I also reminded him that when we last spoke during the Senedd election campaign in April the economic outlook for Wales was sombre, but has worsened since, with soaring energy prices, the £20 reduction in universal credit and the raising of National Insurance rates.
“The decision to remove £20 per week from people receiving universal credit is in our view disgraceful and takes out of the Welsh economy some £300 million each year.
“In our manifesto we had strong caveats in it about not raising taxes in Wales while the economy is recovering and at a time when it needs boosting.
“In every way that you can think of from a macro-economic position, let alone the cruelty that it inflicts on people who already struggling to manage, it is a disgraceful decision.”
The former professor of social science was equally scathing about the moral and fiscal responsibility of increasing National Insurance to pay for improvements to social care.
“The decision to raise taxes through National Insurance is also more aggressive than doing it through income tax.
“Around 12 per cent of all the money the Chancellor plans to provide for health and social care we believe will come from people working in the health and social care sector.”
To contrast the way the British government is penalising the lowest paid with how his Welsh government is governing, Drakeford explains how government spending will be used to make improvements in Wales.
“We will be supporting businesses for the longer term and we will do this on the basis of our ‘economic contract.’
“If organisations are getting public money in Wales the public is entitled to a return on that investment and that includes our ‘fair work’ agenda, collective bargaining and trade union recognition.”
Some members from the right of the Labour Party had objected to Drakeford speaking at The World Transformed festival of ideas running alongside the party conference.
The session the Welsh leader spoke at was about universal basic income and his immediate post-election pledge to run a trial in Wales.
“We are settled that the pilot project will involve all care-leavers in Wales and it will be universal for all that group. The level of basic income will be pitched at the real living wage.
“One of the things we are still negotiating is that we do not want to end up with the UK government taking money away from the young people in their universal credit payments.
“We want to ensure young people in the trial get all the support they need to give them the best possible chance to make their way in life.
“This will enable us to test some of the claims made for UBI that it changes the decisions people make.”
There will be around 250 young people in the Welsh government’s trial, which will last for about three years.
Drakeford proudly tells me that his government is bringing in legislation in its first year to enact the Social Partnership Bill and is pressing ahead with a Welsh constitutional convention.

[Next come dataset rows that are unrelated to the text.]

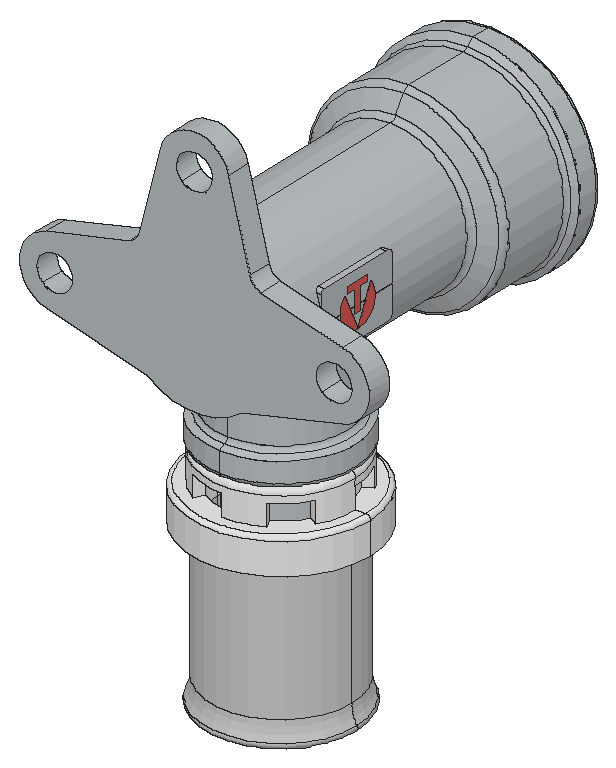
Revit family "VTm_254Н_ВодорозеткаПрессУдлинен_ПереходВнутрРезьба", category Соединительные детали трубопроводов, Revit 2017
Family settings
  Размер круглого соединителя = Использовать диаметр
  Тип детали = Отвод
  На основе рабочей плоскости = Нет
  Всегда вертикально = Да
  При загрузке вырезать с полостями = Нет
  Общий = Нет
Parameters (values of type "16 х 1/2"")
  Тело = VTm_254Н_ТелоРозетки_16_на_ПолДюйма : VTm_254Н_ТелоРозетки_16_на_ПолДюйма
  Стоимость = 0
  Символ вид сбоку и модель [instance] = yes
  Символ в плане и вид спереди [instance] = yes
  Резьба = VTm_254Н_РезьбаСоСбегами_Внутр : 1/2" х 5 х 1
  РадОтверстий = 2.50 mm  # constant formula
  РадНаружПодРезьбу = 12.00 mm
  РадВнутрПодРезьбу = 11.00 mm
  РадБазы2 = DN2 / 4  # 3.75 mm
  РадБазы1 = DN1 / 4  # 4.00 mm
  ПодРезьбу х 07 = ПодРезьбу * 0.7  # 9.096 mm
  ПодРезьбу = 12.995 mm
  Описание = "Служит для соединения резьбовых фитингов и сантехприборов с системами металлополимерных, PEX и PE труб на пресс с поворотом на 90° и неподвижным креплением к строительным конструкциям"  # constant formula
  Комментарии к типоразмеру = "Модель разработана по заказу ВЕСТА Регионы, автор Михаил Кузьмин НПО Инкомис, правообладатель ВЕСТА Регионы"  # constant formula
  Изготовитель = "VALTEC"  # constant formula
  ДоЦентраОтверстий = 17.50 mm
  ДоПятки = 13.50 mm
  ДлинаБазы2 = 20.00 mm
  ДлинаБазы1 = 20.40 mm
  Гильза = VTm_254Н_Гильза_16 : 16
  Видеть резьбу [instance] = yes
  VT_Цена базовая = 251
  VT_sleeve = Нержавеющая сталь
  VT_ring = Пластмасса, непрозрачная, белая
  VT_logo [instance] = Алюминий, анодированный красный
  VT_body = Цинк
  URL = "http://valtec.ru/catalog/sistemy_metallopolimernyh_i_polimernyh_truboprovodov/press_fitingi/press_fiting_ugolnik_s_krepleniem_vodorozetka_vtm254n.html"
  DN2 = 15.00 mm
  DN1 = 16.00 mm
  ADSK_Примечание = ""
  ADSK_Позиция = "254Н.1604"
  ADSK_Обозначение = "VTm.254Н.N.001604"
  ADSK_Наименование = "Водорозетка удлиненная пресс с переходом на внутреннюю резьбу 16х1/2\" VTm.254Н"
  ADSK_Масса_Текст = "0,119"
  ADSK_Масса = 0.119
  ADSK_Завод-изготовитель = "VALTEC"  # constant formula
  ADSK_Единица измерения = "шт"  # constant formula
  ADSK_Версия семейства = "01.01"  # constant formula
  ADSK_Версия Revit = "2017"  # constant formula
Reference planes
  plane 1 "По центру (Вперед/Назад)": y = 0
  plane 2: z = 0
  plane 3 "По центру (Влево/Вправо)": x = 0
  plane 4: y = 20
  plane 5: y = 32.995
  plane 6: z = -20.4
  plane 7: z = -36.4
  plane 8: z = -52.4
  plane 9: x = -16
  plane 10: x = 16
  plane 11: y = 29.096
  plane 12: y = 16
  plane 13: y = -16
  plane 14: z = -15
  plane 15: z = 15
  plane 16: x = -15
  plane 17: x = 15
  plane 18 "Пятка": y = -13.5
  plane 19: z = 17.5
  plane 20: x = 17.5
  plane 21: x = -17.5
Forms (mm)
  Extrusion 1, solid, not visible
    sketch origin (0, 0, 0) x (1, 0, 0) y (0, 0, 1)
      loop
        circle (0, 0) r 3.75
    from -20 to 0
  Extrusion 2, solid, not visible
    sketch origin (0, 0, 0) x (1, 0, 0) y (0, 1, 0)
      loop
        circle (0, 0) r 4
    from -20.4 to 0
  Extrusion 3, solid, material "Цинк" <- "VT_body", not visible
    sketch origin (0, 0, 0) x (1, 0, 0) y (0, 0, 1)
      loop
        circle (0, 0) r 12
      loop
        circle (0, 0) r 11
    from -32.995 to -20
Lines and regions (mm)
  model lines, style "VT_symbol", visible <- "Символ в плане и вид спереди", detail levels medium
    curve 1: line (-16, 0, -20.4) -> (16, 0, -52.4)
    curve 2: line (-16, 0, -52.4) -> (16, 0, -20.4)
    curve 10: line (-15, 29.096, 0) -> (-15, 20, 0)
    curve 11: line (-15, 20, 0) -> (15, 20, 0)
    curve 12: line (15, 20, 0) -> (15, 29.096, 0)
  model lines, style "VT_symbol", detail levels coarse+medium
    curve 3: line (0, 0, 0) -> (0, 0, -20.4)
    curve 4: line (0, 20, 0) -> (0, 0, 0)
  model lines, style "VT_symbol", visible <- "Символ вид сбоку и модель", detail levels medium
    curve 5: line (0, 16, -20.4) -> (0, -16, -52.4)
    curve 6: line (0, 16, -52.4) -> (0, -16, -20.4)
    curve 7: line (0, 29.096, 15) -> (0, 20, 15)
    curve 8: line (0, 20, 15) -> (0, 20, -15)
    curve 9: line (0, 20, -15) -> (0, 29.096, -15)
  model lines, style "VT_symbol", detail levels medium
    curve 13: line (-17.5, -13.5, 0) -> (17.5, -13.5, 0)
    curve 14: line (0, -13.5, 17.5) -> (0, -13.5, 0)
    curve 15: circle (0, -13.5, 17.5) r 2.5 normal (0, -1, 0)
    curve 16: circle (-17.5, -13.5, 0) r 2.5 normal (0, -1, 0)
    curve 17: circle (17.5, -13.5, 0) r 2.5 normal (0, -1, 0)
Dimensions and locks
  "ДлинаБазы2": plane 4 to plane 1 "По центру (Вперед/Назад)"
  "ПодРезьбу": plane 5 to plane 4
  "ДлинаБазы1": plane 2 to plane 6
  equal spacing: plane 10, plane 3 "По центру (Влево/Вправо)", plane 9
  equal spacing: plane 6, plane 7, plane 8
  "DN1": plane 3 "По центру (Влево/Вправо)" to plane 9
  "DN1": plane 6 to plane 7
  equal spacing: plane 12, plane 1 "По центру (Вперед/Назад)", plane 13
  "DN1": plane 1 "По центру (Вперед/Назад)" to plane 13
  equal spacing: plane 14, plane 2, plane 15
  "DN2": plane 2 to plane 15
  "ПодРезьбу х 07": plane 11 to plane 4
  equal spacing: plane 16, plane 3 "По центру (Влево/Вправо)", plane 17
  "DN2": plane 16 to plane 3 "По центру (Влево/Вправо)"
  equal spacing: plane 21, plane 3 "По центру (Влево/Вправо)", plane 20
  "ДоЦентраОтверстий": plane 20 to plane 3 "По центру (Влево/Вправо)"
  "ДоЦентраОтверстий": plane 19 to plane 2
  "ДоПятки": plane 18 "Пятка" to plane 1 "По центру (Вперед/Назад)"
  "РадБазы2": radius of Extrusion 1 sketch curve
  "РадБазы1": radius of Extrusion 2 sketch curve
  "РадВнутрПодРезьбу": radius of Extrusion 3 sketch curve
  "РадНаружПодРезьбу": radius of Extrusion 3 sketch curve
  "РадОтверстий": radius of curve 15
  "РадОтверстий": radius of curve 16
  "РадОтверстий": radius of curve 17
  aligned and locked: level to plane 2
  aligned and locked: plane 3 "По центру (Влево/Вправо)" to Extrusion 1 sketch curve
  aligned and locked: plane 2 to Extrusion 1 sketch curve
  aligned and locked: plane 4 to Extrusion 1
  aligned and locked: plane 1 "По центру (Вперед/Назад)" to Extrusion 1
  aligned and locked: plane 3 "По центру (Влево/Вправо)" to Extrusion 2 sketch curve
  aligned and locked: plane 1 "По центру (Вперед/Назад)" to Extrusion 2 sketch curve
  aligned and locked: Extrusion 2 to plane 6
  aligned and locked: plane 2 to Extrusion 2
  aligned and locked: plane 3 "По центру (Влево/Вправо)" to Extrusion 3 sketch curve  (x2)
  aligned and locked: plane 2 to Extrusion 3 sketch curve  (x2)
  aligned and locked: plane 5 to Extrusion 3
  aligned and locked: Extrusion 3 to plane 4
  aligned and locked: plane 3 "По центру (Влево/Вправо)" to nested 1
  aligned and locked: nested 2 to plane 1 "По центру (Вперед/Назад)"
  aligned and locked: plane 3 "По центру (Влево/Вправо)" to nested 2
  aligned and locked: plane 3 "По центру (Влево/Вправо)" to nested 3
  aligned and locked: nested 3 to plane 2
  aligned and locked: plane 1 "По центру (Вперед/Назад)" to nested 4
  aligned and locked: plane 3 "По центру (Влево/Вправо)" to nested 4
  aligned and locked: nested 5 to plane 2
  aligned and locked: plane 3 "По центру (Влево/Вправо)" to nested 5
  aligned and locked: plane 9 to curve 1
  aligned and locked: plane 6 to curve 1
  aligned and locked: plane 10 to curve 2
  aligned and locked: plane 6 to curve 2
  aligned and locked: plane 10 to curve 1
  aligned and locked: plane 8 to curve 1
  aligned and locked: plane 8 to curve 2
  aligned and locked: plane 9 to curve 2
  aligned and locked: plane 6 to curve 3
  aligned and locked: plane 2 to curve 3
  aligned and locked: curve 3 to plane 3 "По центру (Влево/Вправо)"
  aligned and locked: curve 3 to plane 1 "По центру (Вперед/Назад)"
  aligned and locked: plane 4 to curve 4
  aligned and locked: plane 1 "По центру (Вперед/Назад)" to curve 4
  aligned and locked: curve 4 to plane 3 "По центру (Влево/Вправо)"
  aligned and locked: plane 12 to curve 5
  aligned and locked: plane 6 to curve 5
  aligned and locked: plane 6 to curve 6
  aligned and locked: plane 13 to curve 6
  aligned and locked: plane 13 to curve 5
  aligned and locked: plane 8 to curve 5
  aligned and locked: plane 8 to curve 6
  aligned and locked: plane 12 to curve 6
  aligned and locked: plane 4 to curve 8
  aligned and locked: plane 15 to curve 7
  aligned and locked: plane 14 to curve 9
  aligned and locked: plane 11 to curve 7
  aligned and locked: plane 11 to curve 9
  aligned and locked: curve 10 to plane 16
  aligned and locked: curve 11 to plane 4
  aligned and locked: plane 17 to curve 12
  aligned and locked: curve 14 to plane 3 "По центру (Влево/Вправо)"
  aligned and locked: curve 13 to plane 2
  aligned and locked: plane 19 to curve 14
  aligned and locked: plane 21 to curve 13
  aligned and locked: plane 20 to curve 13
  aligned and locked: plane 21 to curve 16
  aligned and locked: plane 2 to curve 16
  aligned and locked: plane 20 to curve 17
  aligned and locked: plane 2 to curve 17
  aligned and locked: plane 3 "По центру (Влево/Вправо)" to curve 15
  aligned and locked: plane 19 to curve 15
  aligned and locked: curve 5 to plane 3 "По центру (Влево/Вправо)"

“In this Senedd term there is likely to be a second referendum in Scotland. The fragility of the United Kingdom is very real and our convention is designed to make sure we do the thinking on what choices there are on that future.
“The membership and terms of reference will be announced in the next few weeks and will include a very strong strand of citizens’ voices in the work of the commission.”
Finally, Drakeford poured scorn on Westminster’s inability to make proper investment decisions for green energy as he tells me about the attempts being made to introduce marine energy around Wales.
“The Swansea ‘city deal’ is funding a major investment in Milford Haven for ‘floating wind’ devices.
“These take energy from the tide from under the surface and above the surface they generate energy from the wind. We are very interested in pushing that ahead in Wales.
“But what you need is a UK government prepared to invest in this nascent industry to take it from experimental to being mainstream.”